• _Work to be completed_: Transcribe all of the data exactly. Omit the pictures.
*** Opening of Extracted information ***
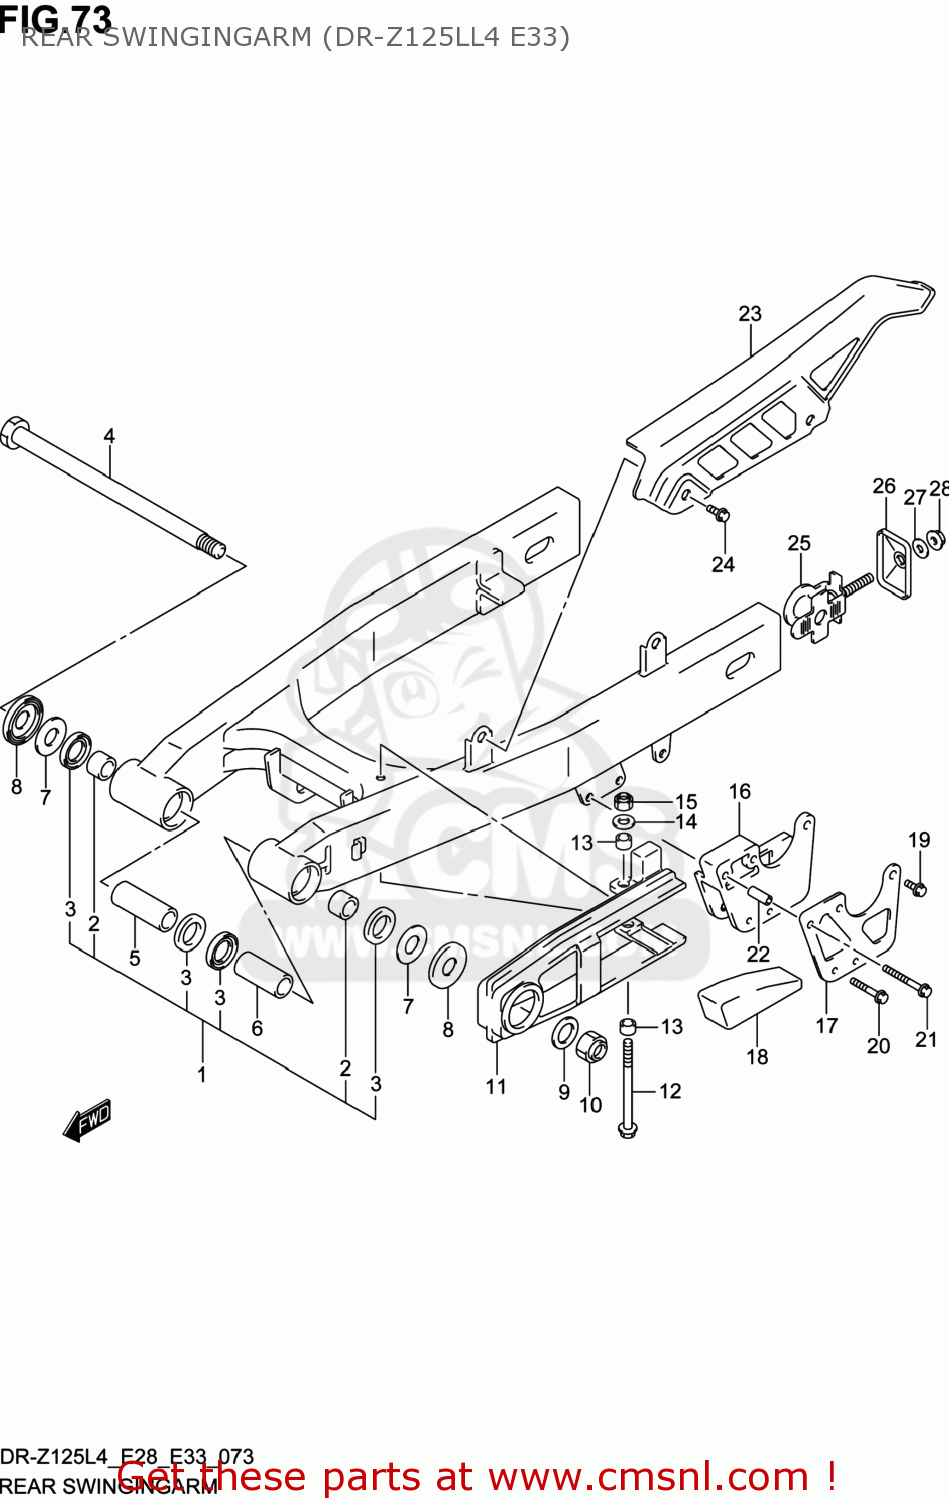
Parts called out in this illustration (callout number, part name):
1	SWINGINGARM ASSY,RR
2	BUSHING,RR SWGARM PIVOT
3	SEAL,OIL(20X27X5)
4	SHAFT,RR SWINGINGARM PIVOT
5	SPACER,RR SWGARM PIVOT,R
6	SPACER,RR SWGARM PVT
7	WASHER
8	COVER,RR SWGARM DUST SEAL
9	WASHER(14.5X24X2.3)
10	NUT
11	BUFFER,CHAIN TOUCH DEFENSE
12	BOLT
13	SPACER(6.5X9X6.5)
14	WASHER
15	NUT
16	GUIDE,CHAIN
17	PLATE,GUIDE CHAIN OUTER
18	DEFENSE,CHAIN GUIDE
19	BOLT(6X16)
20	BOLT(6X40)
21	BOLT(6X30)
22	SPACER(6.5X10X23.5)
23	CASE,CHAIN
24	BOLT(6X10)
25	ADJUSTER,CHAIN
26	PLATE,CHAIN ADJUSTER
27	WASHER(12.5X26X2.3)
28	NUT
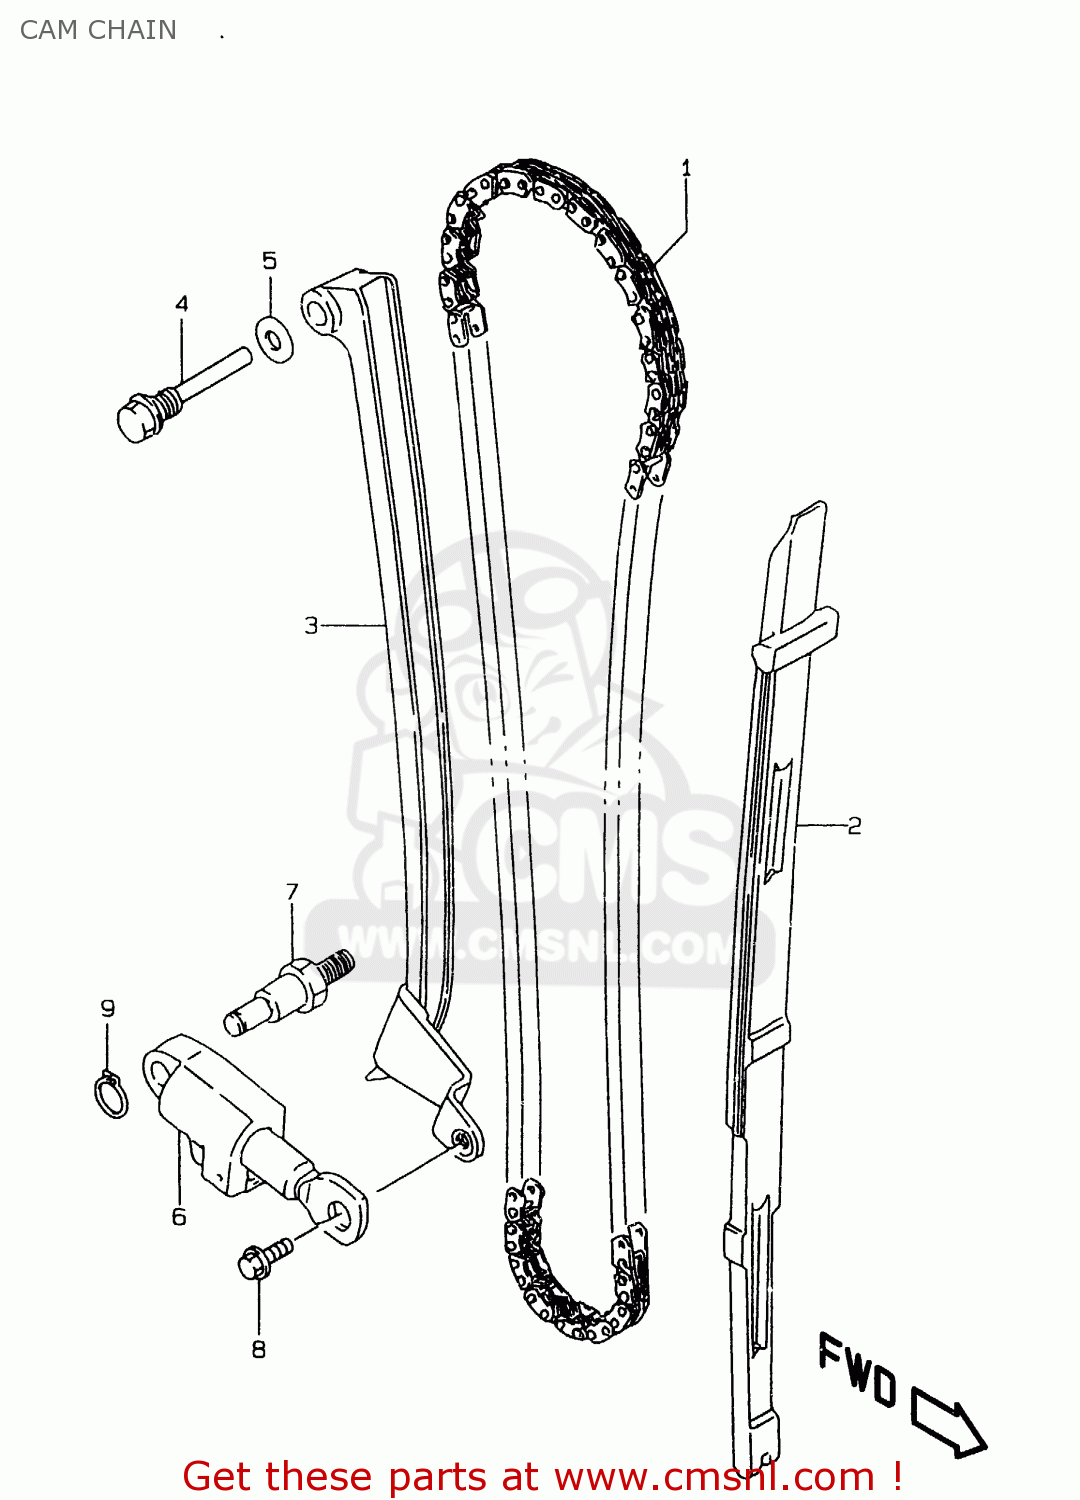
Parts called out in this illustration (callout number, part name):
1	CHAIN,CAMSHAFT DRIVE
2	GUIDE,CAM CHAIN
3	TENSIONER,CAM CHAIN
4	BOLT,CAM CHAIN TENSIONER
5	GASKET 8.2X14X1 (NAS)
6	ADJUSTER ASSY,TENSIONER
7	BOLT,STUD
8	BOLT
9	CIRCLIP
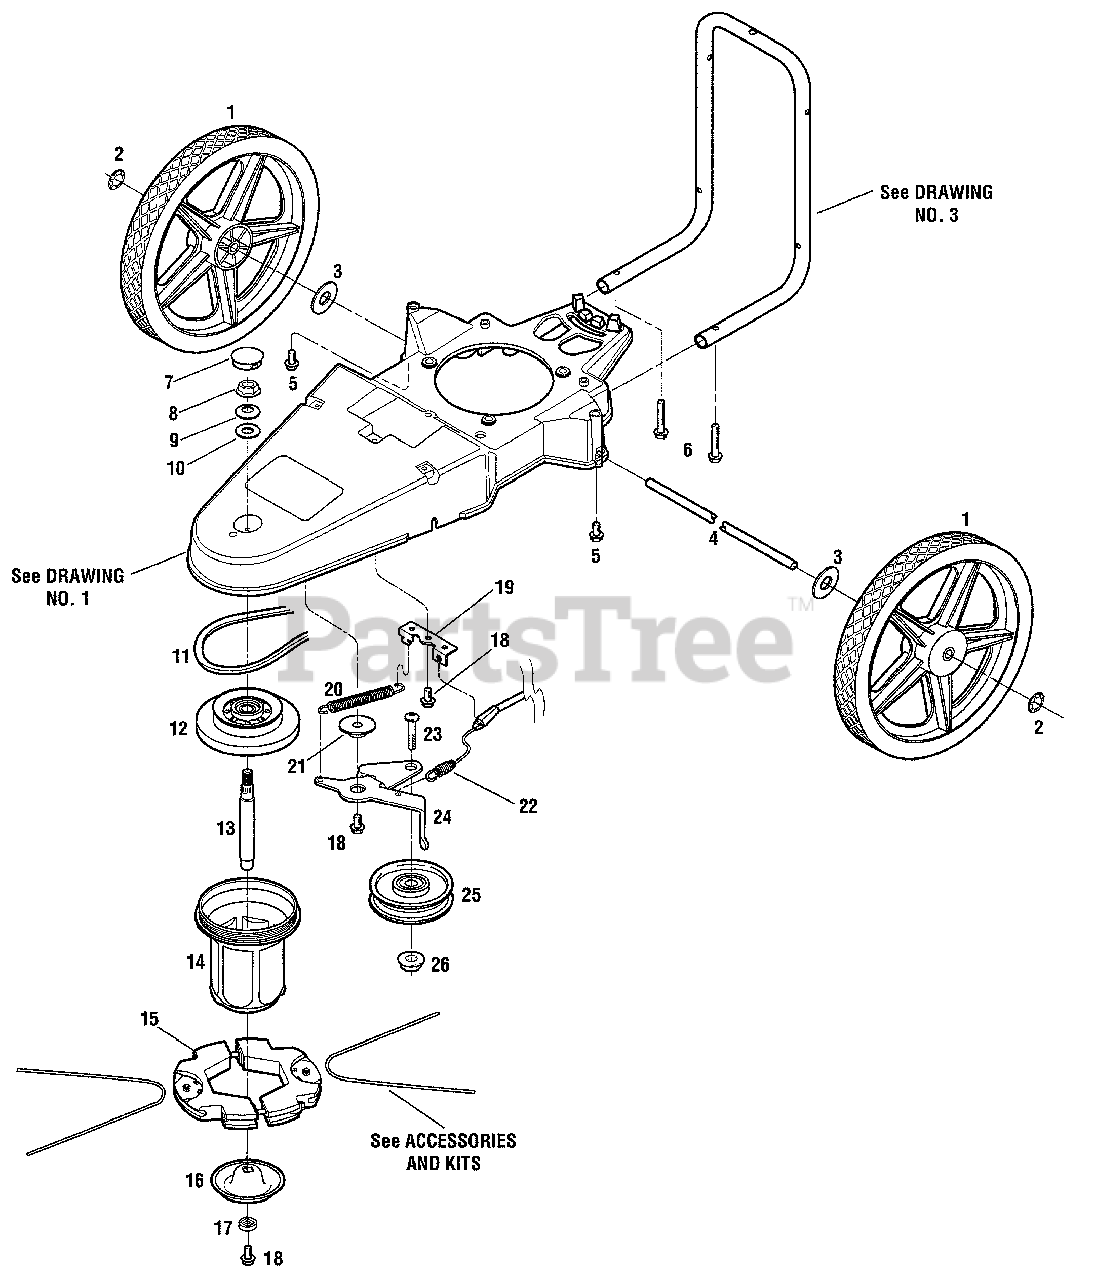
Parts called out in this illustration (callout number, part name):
1	Wheel/Tire Assembly
2	Locking Retaining Ring
3	Flat Washer
5	Self-Tap Screw, 5/16-18 x 3/4
6	Self-Tap Screw, 5/16-18 x 2
7	Cap Plug
8	Flange Lock Nut, 1/2-13
9	Belleville Washer
10	Hardened Washer
12	Spindle Head Adapter
13	Spindle Shaft
14	Spindle Head Assembly
15	Trimmer Head Assembly
16	Wear Cup
17	Square Washer
18	Self-Tap Screw, 5/16-18 x 3/4
19	Cable Bracket
20	Idler Spring
21	Flat Washer
22	Control Cable-Trimmer Head
23	Button Hd. Screw, 3/8-16 x 1-1/2
24	Idler Arm
25	Idler Pulley
26	Flange Lock Nut, 3/8-16
*** Close of Extracted information ***
• _Output for this task_:
Parts called out in this illustration (callout number, part name):
1	SWINGINGARM ASSY,RR
2	BUSHING,RR SWGARM PIVOT
3	SEAL,OIL(20X27X5)
4	SHAFT,RR SWINGINGARM PIVOT
5	SPACER,RR SWGARM PIVOT,R
6	SPACER,RR SWGARM PVT
7	WASHER
8	COVER,RR SWGARM DUST SEAL
9	WASHER(14.5X24X2.3)
10	NUT
11	BUFFER,CHAIN TOUCH DEFENSE
12	BOLT
13	SPACER(6.5X9X6.5)
14	WASHER
15	NUT
16	GUIDE,CHAIN
17	PLATE,GUIDE CHAIN OUTER
18	DEFENSE,CHAIN GUIDE
19	BOLT(6X16)
20	BOLT(6X40)
21	BOLT(6X30)
22	SPACER(6.5X10X23.5)
23	CASE,CHAIN
24	BOLT(6X10)
25	ADJUSTER,CHAIN
26	PLATE,CHAIN ADJUSTER
27	WASHER(12.5X26X2.3)
28	NUT
Parts called out in this illustration (callout number, part name):
1	CHAIN,CAMSHAFT DRIVE
2	GUIDE,CAM CHAIN
3	TENSIONER,CAM CHAIN
4	BOLT,CAM CHAIN TENSIONER
5	GASKET 8.2X14X1 (NAS)
6	ADJUSTER ASSY,TENSIONER
7	BOLT,STUD
8	BOLT
9	CIRCLIP
Parts called out in this illustration (callout number, part name):
1	Wheel/Tire Assembly
2	Locking Retaining Ring
3	Flat Washer
5	Self-Tap Screw, 5/16-18 x 3/4
6	Self-Tap Screw, 5/16-18 x 2
7	Cap Plug
8	Flange Lock Nut, 1/2-13
9	Belleville Washer
10	Hardened Washer
12	Spindle Head Adapter
13	Spindle Shaft
14	Spindle Head Assembly
15	Trimmer Head Assembly
16	Wear Cup
17	Square Washer
18	Self-Tap Screw, 5/16-18 x 3/4
19	Cable Bracket
20	Idler Spring
21	Flat Washer
22	Control Cable-Trimmer Head
23	Button Hd. Screw, 3/8-16 x 1-1/2
24	Idler Arm
25	Idler Pulley
26	Flange Lock Nut, 3/8-16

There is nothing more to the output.